ICE Wifi-user Heatmap

Capturing Passengers' Connectivity Behavior on Inter-City Express Train

Start With The Story

Germany's railway company Deutsche Bahn operates 247 long distance trains Inter-City Express (ICE) serving approximately 148 Million passengers, only in 2018. This is a huge number, and is expected to grow even more at the following years. Probably, the availability of Wifi connections within the ICE train is one of the cause.

Out of curiousity, I downloaded their "Wifi on ICE" data here to get a hint on the passenger behavior related to the Wifi facility. The zipped file size is 232Mb, and the real CSV data is around 2Gb with over 21 millions of rows. So it happened. Displaying all of them would be very costly. So, after a series of pre-processing steps (see below), only 25 trains with the longest routes is displayed here, representing 33k rows in the PostGreSQL database.

From those, we can obtain the Wifi-user Heatmap and the tracks, including stops at the train stations and cities as presented below.

How to use this page?
The number of displayed trains is adjustable:
  • num: [1..25], def = 25
  • show: ['station', else], def = 'city'
Calling this page without parameter will get the defaults. Otherwise, just try something like this

 
Legend
COLORS
The colors depict the heatmap of the wifi-users in the train:
  • pure green represents zero,
  • pure yellow is 150 users,
  • pure red means 300 or above.
The number of connected users may vary for different trains, they are all displayed in thin lines so that the gradation is still visible in the zoomed-out map.
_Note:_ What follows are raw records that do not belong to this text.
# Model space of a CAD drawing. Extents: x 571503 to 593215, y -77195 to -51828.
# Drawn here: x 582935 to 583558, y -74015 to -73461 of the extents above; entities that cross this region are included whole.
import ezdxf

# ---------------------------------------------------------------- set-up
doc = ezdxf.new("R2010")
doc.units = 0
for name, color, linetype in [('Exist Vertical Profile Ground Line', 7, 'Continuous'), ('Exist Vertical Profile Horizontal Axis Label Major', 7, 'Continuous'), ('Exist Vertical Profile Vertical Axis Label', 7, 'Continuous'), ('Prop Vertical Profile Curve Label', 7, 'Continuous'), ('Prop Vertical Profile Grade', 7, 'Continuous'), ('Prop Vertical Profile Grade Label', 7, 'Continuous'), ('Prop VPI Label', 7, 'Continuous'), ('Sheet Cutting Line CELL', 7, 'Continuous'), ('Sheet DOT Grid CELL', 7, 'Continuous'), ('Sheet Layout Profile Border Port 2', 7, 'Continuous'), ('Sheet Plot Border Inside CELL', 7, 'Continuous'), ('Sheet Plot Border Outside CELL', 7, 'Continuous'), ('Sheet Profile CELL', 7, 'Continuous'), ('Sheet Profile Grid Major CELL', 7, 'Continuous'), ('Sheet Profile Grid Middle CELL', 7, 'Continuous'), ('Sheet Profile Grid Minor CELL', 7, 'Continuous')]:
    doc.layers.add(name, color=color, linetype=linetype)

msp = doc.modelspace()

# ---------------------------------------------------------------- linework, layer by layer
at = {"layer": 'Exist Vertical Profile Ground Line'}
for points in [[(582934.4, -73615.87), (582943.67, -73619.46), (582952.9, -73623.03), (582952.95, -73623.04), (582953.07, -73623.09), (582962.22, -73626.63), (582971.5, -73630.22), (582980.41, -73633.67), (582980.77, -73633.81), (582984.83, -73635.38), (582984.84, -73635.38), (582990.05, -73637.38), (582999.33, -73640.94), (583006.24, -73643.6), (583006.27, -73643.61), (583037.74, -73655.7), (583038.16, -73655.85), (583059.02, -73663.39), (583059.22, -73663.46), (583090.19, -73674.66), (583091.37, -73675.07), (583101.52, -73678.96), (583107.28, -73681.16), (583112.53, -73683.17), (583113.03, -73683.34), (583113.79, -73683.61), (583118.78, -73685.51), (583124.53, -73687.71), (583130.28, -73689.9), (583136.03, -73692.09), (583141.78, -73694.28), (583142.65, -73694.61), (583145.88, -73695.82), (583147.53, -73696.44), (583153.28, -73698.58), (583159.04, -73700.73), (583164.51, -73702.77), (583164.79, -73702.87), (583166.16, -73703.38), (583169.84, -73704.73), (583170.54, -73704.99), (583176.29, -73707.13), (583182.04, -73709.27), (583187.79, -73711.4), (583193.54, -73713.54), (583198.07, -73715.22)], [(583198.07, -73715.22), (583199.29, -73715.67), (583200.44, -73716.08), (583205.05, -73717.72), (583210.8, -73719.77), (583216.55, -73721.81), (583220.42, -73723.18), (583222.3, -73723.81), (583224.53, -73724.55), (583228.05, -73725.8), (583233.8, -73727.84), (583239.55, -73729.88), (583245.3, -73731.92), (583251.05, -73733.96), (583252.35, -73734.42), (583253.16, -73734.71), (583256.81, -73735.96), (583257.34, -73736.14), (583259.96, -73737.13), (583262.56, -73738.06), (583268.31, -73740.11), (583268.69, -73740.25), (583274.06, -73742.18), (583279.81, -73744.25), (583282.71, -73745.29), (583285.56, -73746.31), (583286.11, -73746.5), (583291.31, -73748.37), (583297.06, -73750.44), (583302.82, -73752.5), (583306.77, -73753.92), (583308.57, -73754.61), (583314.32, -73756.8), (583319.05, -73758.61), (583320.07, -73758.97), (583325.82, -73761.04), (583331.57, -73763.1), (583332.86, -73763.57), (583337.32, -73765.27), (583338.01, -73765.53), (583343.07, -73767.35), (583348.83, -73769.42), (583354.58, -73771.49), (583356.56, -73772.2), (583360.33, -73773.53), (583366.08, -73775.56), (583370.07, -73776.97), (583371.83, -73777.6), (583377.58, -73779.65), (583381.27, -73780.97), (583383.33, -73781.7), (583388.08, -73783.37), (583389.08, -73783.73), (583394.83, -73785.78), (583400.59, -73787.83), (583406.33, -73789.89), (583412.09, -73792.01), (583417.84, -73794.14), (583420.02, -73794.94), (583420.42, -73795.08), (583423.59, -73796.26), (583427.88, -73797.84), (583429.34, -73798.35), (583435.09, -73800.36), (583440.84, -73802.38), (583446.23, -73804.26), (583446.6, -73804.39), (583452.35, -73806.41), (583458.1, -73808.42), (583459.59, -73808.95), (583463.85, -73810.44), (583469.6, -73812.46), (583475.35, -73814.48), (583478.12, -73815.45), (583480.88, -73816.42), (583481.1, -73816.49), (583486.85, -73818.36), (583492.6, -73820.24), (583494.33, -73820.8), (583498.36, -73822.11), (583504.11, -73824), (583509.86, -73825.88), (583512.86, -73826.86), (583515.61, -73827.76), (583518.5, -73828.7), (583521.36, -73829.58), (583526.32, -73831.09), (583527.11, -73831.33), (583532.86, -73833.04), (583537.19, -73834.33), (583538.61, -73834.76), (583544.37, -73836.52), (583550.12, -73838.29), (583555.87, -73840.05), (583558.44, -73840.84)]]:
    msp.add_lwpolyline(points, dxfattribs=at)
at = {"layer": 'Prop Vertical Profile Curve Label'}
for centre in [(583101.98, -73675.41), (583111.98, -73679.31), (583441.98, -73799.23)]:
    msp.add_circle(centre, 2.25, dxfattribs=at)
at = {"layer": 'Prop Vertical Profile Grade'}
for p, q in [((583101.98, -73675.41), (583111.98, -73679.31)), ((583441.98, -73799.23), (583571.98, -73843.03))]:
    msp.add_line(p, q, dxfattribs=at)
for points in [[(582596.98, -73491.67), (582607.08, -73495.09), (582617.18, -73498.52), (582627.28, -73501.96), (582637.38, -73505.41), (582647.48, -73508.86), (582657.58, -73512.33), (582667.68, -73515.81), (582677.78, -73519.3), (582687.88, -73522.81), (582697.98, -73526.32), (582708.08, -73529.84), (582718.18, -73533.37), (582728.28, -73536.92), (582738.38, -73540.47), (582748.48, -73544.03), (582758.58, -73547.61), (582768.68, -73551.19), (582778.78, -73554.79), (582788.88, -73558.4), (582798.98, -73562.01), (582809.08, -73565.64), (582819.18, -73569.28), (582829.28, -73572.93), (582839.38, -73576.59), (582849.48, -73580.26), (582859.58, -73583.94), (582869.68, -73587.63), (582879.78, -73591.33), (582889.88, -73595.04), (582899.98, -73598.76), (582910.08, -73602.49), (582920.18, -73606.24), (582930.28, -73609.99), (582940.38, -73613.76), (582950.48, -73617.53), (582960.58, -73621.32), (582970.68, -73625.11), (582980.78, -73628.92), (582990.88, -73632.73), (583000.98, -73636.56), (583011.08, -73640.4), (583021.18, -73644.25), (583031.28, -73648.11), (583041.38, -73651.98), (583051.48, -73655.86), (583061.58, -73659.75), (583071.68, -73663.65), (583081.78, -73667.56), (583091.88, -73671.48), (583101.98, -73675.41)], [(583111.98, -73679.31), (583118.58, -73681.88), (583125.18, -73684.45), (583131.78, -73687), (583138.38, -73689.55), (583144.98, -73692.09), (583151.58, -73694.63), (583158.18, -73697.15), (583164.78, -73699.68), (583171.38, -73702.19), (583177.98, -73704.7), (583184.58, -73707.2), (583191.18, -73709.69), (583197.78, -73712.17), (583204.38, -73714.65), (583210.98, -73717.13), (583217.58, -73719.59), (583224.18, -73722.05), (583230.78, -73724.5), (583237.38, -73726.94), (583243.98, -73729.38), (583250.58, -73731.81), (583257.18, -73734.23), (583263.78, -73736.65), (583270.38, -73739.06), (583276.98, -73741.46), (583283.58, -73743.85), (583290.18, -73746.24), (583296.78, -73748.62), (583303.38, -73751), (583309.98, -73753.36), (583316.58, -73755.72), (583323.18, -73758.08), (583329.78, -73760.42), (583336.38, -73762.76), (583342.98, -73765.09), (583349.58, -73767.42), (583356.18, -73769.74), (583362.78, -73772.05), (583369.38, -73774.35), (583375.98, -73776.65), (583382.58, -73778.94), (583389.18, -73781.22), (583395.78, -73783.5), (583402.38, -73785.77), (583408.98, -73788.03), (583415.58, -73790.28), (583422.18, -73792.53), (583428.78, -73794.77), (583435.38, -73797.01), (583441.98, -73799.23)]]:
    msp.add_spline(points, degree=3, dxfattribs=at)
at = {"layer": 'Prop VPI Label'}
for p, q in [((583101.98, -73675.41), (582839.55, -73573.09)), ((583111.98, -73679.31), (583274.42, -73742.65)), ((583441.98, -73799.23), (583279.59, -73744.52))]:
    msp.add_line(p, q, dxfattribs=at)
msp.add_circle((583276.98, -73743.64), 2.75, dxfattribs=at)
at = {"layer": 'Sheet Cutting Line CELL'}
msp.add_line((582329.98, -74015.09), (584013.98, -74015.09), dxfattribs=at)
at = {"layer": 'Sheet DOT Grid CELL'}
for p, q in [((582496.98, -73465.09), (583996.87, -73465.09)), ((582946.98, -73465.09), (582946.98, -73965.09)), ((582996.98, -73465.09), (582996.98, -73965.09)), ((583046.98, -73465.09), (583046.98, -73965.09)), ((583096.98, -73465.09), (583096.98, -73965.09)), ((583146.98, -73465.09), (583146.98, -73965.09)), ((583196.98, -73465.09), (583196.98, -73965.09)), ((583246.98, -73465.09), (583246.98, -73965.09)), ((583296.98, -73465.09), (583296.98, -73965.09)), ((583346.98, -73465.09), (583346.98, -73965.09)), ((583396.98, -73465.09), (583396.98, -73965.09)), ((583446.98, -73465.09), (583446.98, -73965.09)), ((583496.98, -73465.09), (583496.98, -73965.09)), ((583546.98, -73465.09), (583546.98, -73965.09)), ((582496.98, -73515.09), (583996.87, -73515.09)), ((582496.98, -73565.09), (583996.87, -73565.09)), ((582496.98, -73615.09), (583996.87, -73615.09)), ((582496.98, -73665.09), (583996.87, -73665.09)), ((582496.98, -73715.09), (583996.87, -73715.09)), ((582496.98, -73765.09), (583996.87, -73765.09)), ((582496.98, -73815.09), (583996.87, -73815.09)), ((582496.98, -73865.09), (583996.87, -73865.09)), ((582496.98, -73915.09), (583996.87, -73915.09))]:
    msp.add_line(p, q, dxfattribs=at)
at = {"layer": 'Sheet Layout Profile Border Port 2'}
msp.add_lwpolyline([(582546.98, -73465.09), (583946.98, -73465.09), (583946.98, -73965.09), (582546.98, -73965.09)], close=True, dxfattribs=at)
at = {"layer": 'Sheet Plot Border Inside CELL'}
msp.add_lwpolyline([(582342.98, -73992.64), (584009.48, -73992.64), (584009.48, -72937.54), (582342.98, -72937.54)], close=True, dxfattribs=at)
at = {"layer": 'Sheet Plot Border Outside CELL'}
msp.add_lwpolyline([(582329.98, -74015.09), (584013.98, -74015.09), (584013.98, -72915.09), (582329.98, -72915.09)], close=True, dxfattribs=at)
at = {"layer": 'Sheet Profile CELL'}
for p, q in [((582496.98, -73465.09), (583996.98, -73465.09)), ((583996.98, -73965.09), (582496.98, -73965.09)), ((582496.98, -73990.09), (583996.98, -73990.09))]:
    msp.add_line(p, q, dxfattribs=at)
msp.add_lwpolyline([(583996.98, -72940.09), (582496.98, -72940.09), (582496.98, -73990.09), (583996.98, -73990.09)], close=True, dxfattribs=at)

Displayed data from train id:
[54117180] [58031130] [54038600] [54038030] [54117560]
 
Legend
Each track from a train is displayed using varying colors. Stops are represented using circles whose radius depict the duration. Each stop is matched with the lists of coordinates of cities (obtained from here) and train stations (pre-processed from here).

Adjust the number of displayed tracks using the parameter num, and pick train stations over cities to display using show. An example for that is given here.

Cities and train stations outside of Germany is not shown since their coordinates are not listed in the obtained database.
 

1. Train-based Splitting
Out of those millions of rows, there are "only" 255 unique train ID (column sid). Splitting the data based on that row brings us to work with 255 significantly smaller CSV files, particularly after duplicates removal.
2. Minute-based Merging
The column created indicates that the data are collected every five seconds for each train. The rows are merged based on the minutes, while carefully maintaining the valuable numbers in the columns.
3. Splitting Long Stops
After some plot test, we got the idea that the data came from at least two different dates (plus the following dawn). Therefore it is necessary to split them (at least) once again for avoiding "train jumps" on the display.
4. Travel-based Selection
We pick only the trains stopping at at least two stations and two cities. Some data are indicated as a test result, as they only wander around a workshop (or even a drone involved?). This selection ends the pre-processing phase.